IgE is the least abundant Ig in normal human serum. IgE is present in minute quantities in serum and tissue fluids, and its primary biological function is to bind to specific receptors on the surfaces of tissue mast cells and basophils. IgE does not activate complement. IgE levels fluctuate greatly in the normal population and may be elevated in the serum of patients with specific allergic reactions and early parasitic infections.

IgD is present in very low concentrations in normal human serum, primarily on the surface of human B lymphocytes, where it serves as a cell receptor for antigens. Secretory IgD differs structurally from membrane-bound IgD. The variable region of IgD on B cells is identical to the variable regions of IgG, IgA, and IgM that the cells will secrete. When antigens bind to IgD receptors, they stimulate B cells to multiply, differentiate, and secrete other classes of antibodies specific for the antigen.

IgG is the most prevalent Ig in serum, accounting for approximately 65-75% of the total Ig. IgG has antiviral, virus neutralizing, antibacterial, and immunomodulatory functions. It is also the only antibody that can cross the placenta and plays an important role in neonatal anti-infection. In immunoassays, IgG is almost exclusively used, as it has numerous advantages: 1. The highest yield in immune responses; 2. The strongest binding affinity to antigenic epitopes; 3. Stability during separation and purification; 4. Thorough research and extensive experience in modification have been accumulated.
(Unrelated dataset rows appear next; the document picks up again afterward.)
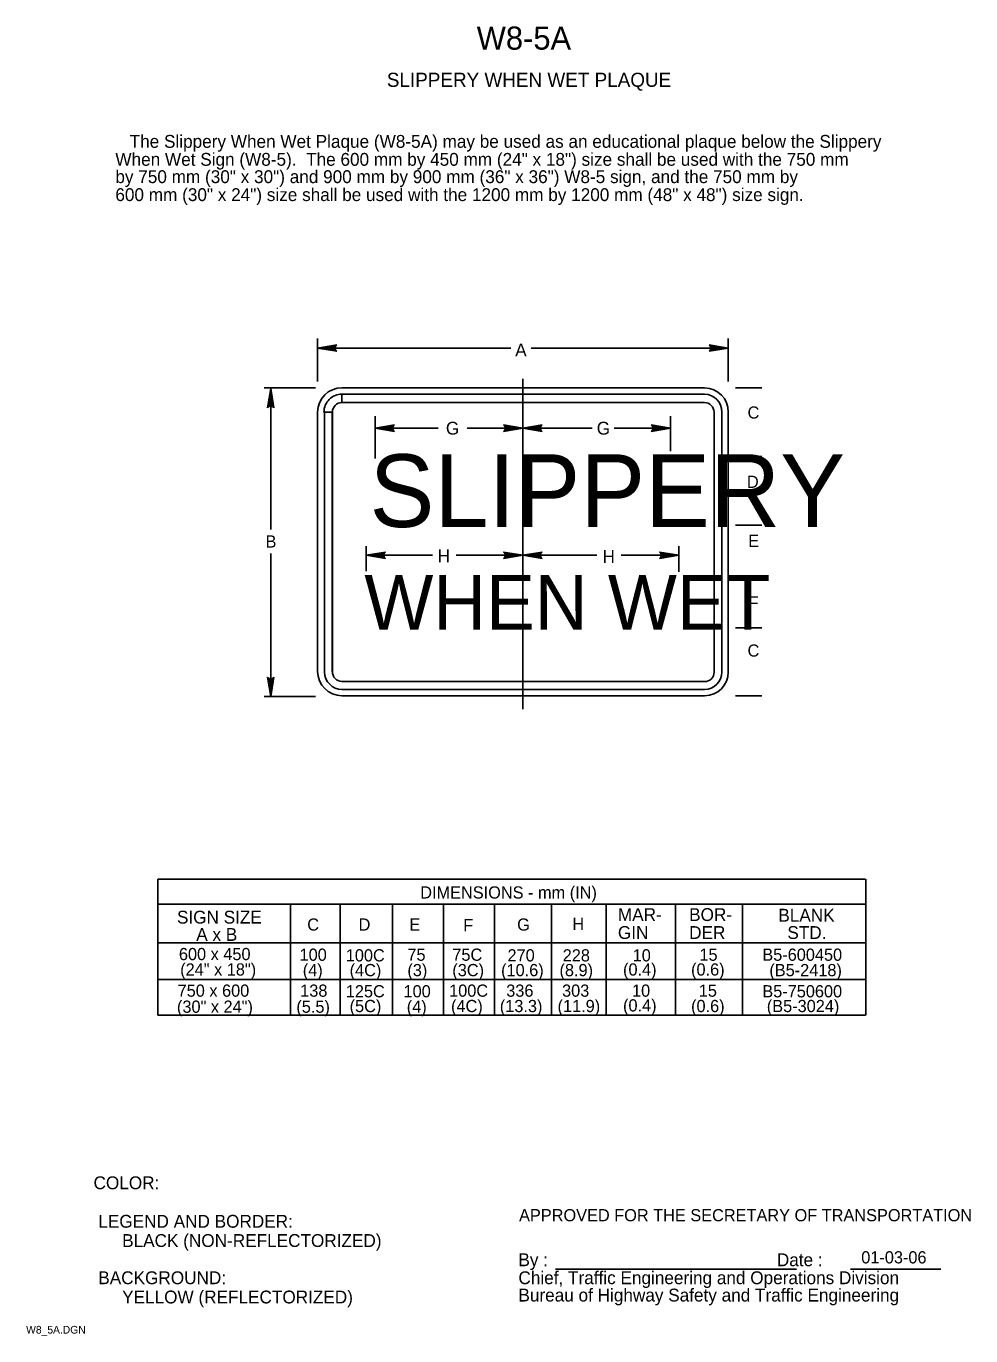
# Model space of a CAD drawing. Extents: x 0.012 to 0.196, y 0.004 to 0.259.
import ezdxf

# ---------------------------------------------------------------- set-up
doc = ezdxf.new("R2010")
doc.units = 0
for name, color, linetype in [('1', 7, 'Continuous'), ('12', 7, 'Continuous'), ('2', 7, 'Continuous'), ('3', 7, 'Continuous'), ('4', 7, 'Continuous')]:
    doc.layers.add(name, color=color, linetype=linetype)

# ---------------------------------------------------------------- blocks, each defined once
blk = doc.blocks.new('RARROW')
at = {"layer": '3'}
for p, q in [((-2.156, 0.28500000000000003), (-2.2665, 0.384625)), ((-2.2665, 0.384625), (0, 0)), ((0, 0), (-2.2665, -0.379125)), ((-2.156, 0.28500000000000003), (-2.075625, 0.12075)), ((0, 0), (-2.156, 0.28500000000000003)), ((-2.14975, -0.2705), (0, 0)), ((-2.075625, 0.12075), (0, 0)), ((0, 0), (-2.074, -0.108)), ((-2.2665, -0.379125), (-2.14975, -0.2705)), ((-2.074, -0.108), (-2.14975, -0.2705))]:
    blk.add_line(p, q, dxfattribs=at)

msp = doc.modelspace()

# ---------------------------------------------------------------- linework, layer by layer
at = {"layer": '1'}
for p, q in [((0.11543984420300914, 0.01694517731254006), (0.1624214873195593, 0.01694517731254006)), ((0.17295324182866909, 0.01694517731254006), (0.1905000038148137, 0.01694517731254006))]:
    msp.add_line(p, q, dxfattribs=at)
at = {"layer": '3'}
for p, q in [((0.069125, 0.18987500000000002), (0.069125, 0.19825)), ((0.149125, 0.18987500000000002), (0.149125, 0.19825)), ((0.10675, 0.196375), (0.069125, 0.196375)), ((0.11075, 0.196375), (0.149125, 0.196375)), ((0.109125, 0.19037500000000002), (0.109125, 0.126)), ((0.06875, 0.18862500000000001), (0.058750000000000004, 0.18862500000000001)), ((0.06, 0.161), (0.06, 0.18862500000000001)), ((0.073875, 0.18862500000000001), (0.1445, 0.18862500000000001)), ((0.1445, 0.187375), (0.073875, 0.187375)), ((0.073875, 0.187375), (0.07387569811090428, 0.18574738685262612)), ((0.07387569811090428, 0.18574738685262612), (0.073875, 0.187375)), ((0.1505, 0.18862500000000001), (0.155625, 0.18862500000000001)), ((0.069125, 0.133375), (0.069125, 0.183875)), ((0.07037500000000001, 0.183875), (0.07201621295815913, 0.18388790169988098)), ((0.07200000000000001, 0.183875), (0.07044815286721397, 0.18388790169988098)), ((0.07050000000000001, 0.183875), (0.07050000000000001, 0.13325)), ((0.07200000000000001, 0.133375), (0.07200000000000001, 0.183875)), ((0.07200000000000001, 0.133375), (0.07200000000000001, 0.183875)), ((0.0720351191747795, 0.18384855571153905), (0.0720351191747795, 0.13334855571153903)), ((0.0720351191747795, 0.13334855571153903), (0.0720351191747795, 0.18384855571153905)), ((0.0720351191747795, 0.18384855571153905), (0.0720351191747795, 0.13334855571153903)), ((0.073875, 0.18575), (0.1445, 0.18575)), ((0.146375, 0.183875), (0.146375, 0.13325)), ((0.147875, 0.13325), (0.147875, 0.183875)), ((0.149125, 0.183875), (0.149125, 0.13325)), ((0.080375, 0.183125), (0.080375, 0.174875)), ((0.137875, 0.183125), (0.137875, 0.17625)), ((0.092625, 0.18075), (0.080375, 0.18075)), ((0.09825, 0.18075), (0.109125, 0.18075)), ((0.122625, 0.18075), (0.109125, 0.18075)), ((0.12687500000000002, 0.18075), (0.137875, 0.18075)), ((0.1505, 0.17525000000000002), (0.155625, 0.17525000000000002)), ((0.1505, 0.161875), (0.155625, 0.161875)), ((0.06, 0.15637500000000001), (0.06, 0.128625)), ((0.078625, 0.15775), (0.078625, 0.152875)), ((0.0915, 0.156), (0.078625, 0.156)), ((0.096125, 0.156), (0.109125, 0.156)), ((0.1235, 0.156), (0.109125, 0.156)), ((0.12825, 0.156), (0.1395, 0.156)), ((0.1395, 0.15775), (0.1395, 0.15275)), ((0.1505, 0.151875), (0.155625, 0.151875)), ((0.1505, 0.141875), (0.155625, 0.141875)), ((0.1445, 0.131375), (0.073875, 0.131375)), ((0.06875, 0.1285), (0.058750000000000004, 0.1285)), ((0.073875, 0.129875), (0.1445, 0.129875)), ((0.1445, 0.128625), (0.073875, 0.128625)), ((0.1505, 0.128625), (0.155625, 0.128625)), ((0.038, 0.092875), (0.175875, 0.092875)), ((0.038039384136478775, 0.09287569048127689), (0.038039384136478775, 0.0663756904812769)), ((0.17593791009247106, 0.09287569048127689), (0.17593791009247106, 0.0663756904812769)), ((0.038, 0.088), (0.175875, 0.088)), ((0.06387418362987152, 0.08802738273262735), (0.06387418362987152, 0.0663756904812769)), ((0.07353938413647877, 0.08800069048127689), (0.07353938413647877, 0.0663756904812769)), ((0.08375655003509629, 0.08800069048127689), (0.08375655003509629, 0.0663756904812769)), ((0.09368984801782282, 0.08800069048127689), (0.09368984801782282, 0.0663756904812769)), ((0.10356484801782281, 0.08800069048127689), (0.10356484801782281, 0.0663756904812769)), ((0.11468984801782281, 0.08800069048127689), (0.11468984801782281, 0.0663756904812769)), ((0.1253620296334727, 0.08802738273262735), (0.1253620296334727, 0.0663756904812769)), ((0.13882622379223, 0.08802738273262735), (0.13882622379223, 0.0663756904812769)), ((0.1519163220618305, 0.08802738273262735), (0.1519163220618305, 0.0663756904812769)), ((0.038, 0.0805), (0.175875, 0.0805)), ((0.038, 0.073375), (0.175875, 0.073375)), ((0.038, 0.066375), (0.175875, 0.066375))]:
    msp.add_line(p, q, dxfattribs=at)
for centre, radius, start, end in [((0.07387500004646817, 0.1838749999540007), 0.004750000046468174, 90, 180), ((0.07387499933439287, 0.18387500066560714), 0.003499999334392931, 89.9999888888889, 180.00001111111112), ((0.14443750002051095, 0.18393750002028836), 0.004687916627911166, 359.2361, 89.23610000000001), ((0.14443749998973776, 0.18393749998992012), 0.003438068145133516, 358.95837222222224, 88.95837222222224), ((0.07387569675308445, 0.1838879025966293), 0.0018594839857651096, 90, 180), ((0.1444956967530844, 0.1838879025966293), 0.0018594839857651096, 0, 90), ((0.07387499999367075, 0.13337499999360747), 0.004749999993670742, 180, 270), ((0.07387500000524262, 0.13325000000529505), 0.003375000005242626, 180, 270), ((0.07392547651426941, 0.13329877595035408), 0.001891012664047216, 178.49155000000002, 268.49155), ((0.14450000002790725, 0.13324999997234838), 0.004624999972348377, 270, 0), ((0.1444999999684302, 0.1332500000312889), 0.0033750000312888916, 270, 0), ((0.14449999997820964, 0.1332500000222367), 0.0018750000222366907, 270, 0)]:
    msp.add_arc(centre, radius, start, end, dxfattribs=at)

# ---------------------------------------------------------------- block references
at = {"layer": '3', "xscale": 0.0016545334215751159}
for p, yscale, rotation in [((0.069125, 0.196375), 0.0016366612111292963, 180), ((0.06, 0.1885), 0.0016366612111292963, 90), ((0.080375, 0.18075), -0.0016366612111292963, -180), ((0.109125, 0.18075), -0.0016366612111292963, -180), ((0.078625, 0.156), -0.0016366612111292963, -180), ((0.109125, 0.156), -0.0016366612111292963, -180), ((0.06, 0.1285), 0.0016366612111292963, -90)]:
    msp.add_blockref('RARROW', p, dxfattribs=dict(at, yscale=yscale, rotation=rotation))
at = {"layer": '3', "xscale": 0.0016545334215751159, "yscale": 0.0016366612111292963}
for p in [(0.149125, 0.196375), (0.109125, 0.18075), (0.137875, 0.18075), (0.109125, 0.156), (0.1395, 0.156)]:
    msp.add_blockref('RARROW', p, dxfattribs=at)

# ---------------------------------------------------------------- texts
at = {"layer": '1'}
for s, height, p in [('W8-5A', 0.0045000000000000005, (0.100125, 0.2545)), ('SLIPPERY WHEN WET PLAQUE', 0.00275025, (0.082625, 0.24725)), ('COLOR:', 0.0024997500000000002, (0.025500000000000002, 0.0325)), ('APPROVED FOR THE SECRETARY OF TRANSPORTATION', 0.0023752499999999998, (0.108375, 0.02625)), (' LEGEND AND BORDER:', 0.0024997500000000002, (0.025500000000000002, 0.025)), ('      BLACK (NON-REFLECTORIZED)', 0.0024997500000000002, (0.025500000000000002, 0.02125)), ('By :                                                Date :', 0.0024997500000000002, (0.10825, 0.0175)), (' BACKGROUND:', 0.0024997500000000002, (0.025500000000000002, 0.014)), ('Chief, Traffic Engineering and Operations Division', 0.0024997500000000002, (0.10825, 0.014)), ('      YELLOW (REFLECTORIZED)', 0.0024997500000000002, (0.025500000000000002, 0.01025)), ('Bureau of Highway Safety and Traffic Engineering', 0.0024997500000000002, (0.10825, 0.010625)), ('W8_5A.DGN', 0.0015, (0.012375, 0.004375))]:
    msp.add_text(s, height=height, dxfattribs=at).set_placement(p)
at = {"layer": '12'}
for s, height, p in [('SLIPPERY', 0.01416, (0.07925, 0.1615)), ('WHEN WET', 0.01064025, (0.07825, 0.14150000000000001))]:
    msp.add_text(s, height=height, dxfattribs=at).set_placement(p)
at = {"layer": '2'}
for s, p in [('   The Slippery When Wet Plaque (W8-5A) may be used as an educational plaque below the Slippery ', (0.029750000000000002, 0.235375)), ('When Wet Sign (W8-5).  The 600 mm by 450 mm (24" x 18") size shall be used with the 750 mm ', (0.029750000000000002, 0.231875)), ('by 750 mm (30" x 30") and 900 mm by 900 mm (36" x 36") W8-5 sign, and the 750 mm by', (0.029750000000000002, 0.2285)), ('600 mm (30" x 24") size shall be used with the 1200 mm by 1200 mm (48" x 48") size sign.', (0.029750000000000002, 0.225))]:
    msp.add_text(s, height=0.0024997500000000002, dxfattribs=at).set_placement(p)
at = {"layer": '3'}
for s, height, p in [('A', 0.0024997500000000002, (0.107625, 0.19475)), ('C', 0.0023752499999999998, (0.152875, 0.182625)), ('G', 0.0024997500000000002, (0.094125, 0.1795)), ('G', 0.0024997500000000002, (0.1235, 0.1795)), ('D', 0.0023752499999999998, (0.15275, 0.169125)), ('B', 0.0023752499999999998, (0.059000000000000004, 0.1575)), ('E', 0.0023752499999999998, (0.153, 0.15762500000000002)), ('H', 0.0024997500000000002, (0.0925, 0.154625)), ('H', 0.0024997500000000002, (0.124625, 0.1545)), ('F', 0.0024997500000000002, (0.153, 0.1455)), ('C', 0.0023752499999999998, (0.152875, 0.13625)), ('DIMENSIONS - mm (IN)', 0.0023752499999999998, (0.089125, 0.089125)), ('SIGN SIZE', 0.0024997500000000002, (0.04175, 0.08425)), ('MAR-', 0.0024997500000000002, (0.12762500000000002, 0.08475)), ('BOR-', 0.0024997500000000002, (0.14150000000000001, 0.08475)), ('BLANK', 0.0024997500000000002, (0.15887500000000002, 0.084625)), ('C', 0.0023752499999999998, (0.067125, 0.082875)), ('D', 0.0023752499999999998, (0.077125, 0.082875)), ('E', 0.0023752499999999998, (0.08700000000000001, 0.082875)), ('F', 0.0023752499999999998, (0.0975, 0.08275)), ('G', 0.0023752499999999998, (0.108, 0.082875)), ('H', 0.0023752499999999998, (0.11875000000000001, 0.083)), ('A x B', 0.0024997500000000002, (0.0455, 0.080875)), ('GIN', 0.0024997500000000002, (0.12762500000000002, 0.08125)), ('DER', 0.0024997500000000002, (0.14150000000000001, 0.08125)), ('STD.', 0.0024997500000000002, (0.160625, 0.08125)), ('600 x 450', 0.0023752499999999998, (0.042125, 0.077125)), ('100', 0.0023752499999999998, (0.065625, 0.077)), ('100C', 0.0023752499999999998, (0.074625, 0.076875)), ('75', 0.0023752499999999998, (0.08662500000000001, 0.077)), ('75C', 0.0023752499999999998, (0.095375, 0.077)), ('270', 0.0023752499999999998, (0.106125, 0.076875)), ('228', 0.0023752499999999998, (0.116875, 0.076875)), ('10', 0.0023752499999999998, (0.1305, 0.076875)), ('15', 0.0023752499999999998, (0.14350000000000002, 0.077)), ('B5-600450', 0.0023752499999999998, (0.15575, 0.077)), ('(24" x 18")', 0.0023752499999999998, (0.042375, 0.074125)), ('(0.4)', 0.0023752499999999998, (0.128625, 0.074125)), ('(0.6)', 0.0023752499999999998, (0.141875, 0.074125)), ('(4)', 0.0023752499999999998, (0.06625, 0.074)), ('(4C)', 0.0023752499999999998, (0.075375, 0.074)), ('(3)', 0.0023752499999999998, (0.08662500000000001, 0.074)), ('(3C)', 0.0023752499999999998, (0.095375, 0.074)), ('(10.6)', 0.0023752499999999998, (0.104875, 0.074)), ('(8.9)', 0.0023752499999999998, (0.11625, 0.074)), ('(B5-2418)', 0.0023752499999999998, (0.15712500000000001, 0.074)), ('750 x 600', 0.0023752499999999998, (0.041875, 0.07)), ('138', 0.0023752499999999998, (0.06575, 0.07)), ('125C', 0.0023752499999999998, (0.074625, 0.069875)), ('100', 0.0023752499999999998, (0.085875, 0.069875)), ('100C', 0.0023752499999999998, (0.09475, 0.07)), ('336', 0.0023752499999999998, (0.105875, 0.07)), ('303', 0.0023752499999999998, (0.11675, 0.07)), ('10', 0.0023752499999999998, (0.130375, 0.07)), ('15', 0.0023752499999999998, (0.143375, 0.07)), ('B5-750600', 0.0023752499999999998, (0.15575, 0.069875)), ('(30" x 24")', 0.0023752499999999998, (0.04175, 0.066875)), ('(5.5)', 0.0023752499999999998, (0.065, 0.066875)), ('(5C)', 0.0023752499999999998, (0.075375, 0.067)), ('(4)', 0.0023752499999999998, (0.08650000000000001, 0.066875)), ('(4C)', 0.0023752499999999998, (0.095125, 0.067)), ('(13.3)', 0.0023752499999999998, (0.104625, 0.067)), ('(11.9)', 0.0023752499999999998, (0.115875, 0.067)), ('(0.4)', 0.0023752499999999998, (0.128625, 0.067125)), ('(0.6)', 0.0023752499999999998, (0.141875, 0.067)), ('(B5-3024)', 0.0023752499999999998, (0.15662500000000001, 0.067))]:
    msp.add_text(s, height=height, dxfattribs=at).set_placement(p)
at = {"layer": '4'}
msp.add_text('01-03-06', height=0.0023752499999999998, dxfattribs=at).set_placement((0.1750193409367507, 0.018045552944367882))

doc.saveas('drawing.dxf')

Human IgG includes IgG1, IgG2, IgG3, and IgG4 subtypes. The proportions of these four subclasses are 60%, 32%, 4%, and 4%, respectively.

Recombinant antibodies

Antibodies can be produced through a variety of strategies: the preparation of polyclonal antibodies from animal immunization is well known, and then with the advancement of technology, different screening platforms such as hybridomas, phages, and single B cells have also been established, and then antibody genes are cloned from hybridomas, single B cell genes are cloned, and recombinant antibodies expressed in vitro are obtained after antibody mass spectrometry sequencing.

(Gray A, et al. Nat Biotechnol. 2020)

Combined with advances in host cell production and purification process technologies, improvements in expression hosts, expression vectors, cell culture media, and production and purification processes have increased antibody expression levels to hundreds of milligrams per liter or even grams per liter. Recombinant antibodies avoid the problems listed above regarding traditional methods of obtaining antibodies: first, recombinant antibodies produced using unaltered amino acid sequences improve reproducibility; second, after the antibody sequence is determined, it provides rich opportunities for engineering design; third, recombinant antibodies can be produced in large quantities using low-cost expression and purification systems.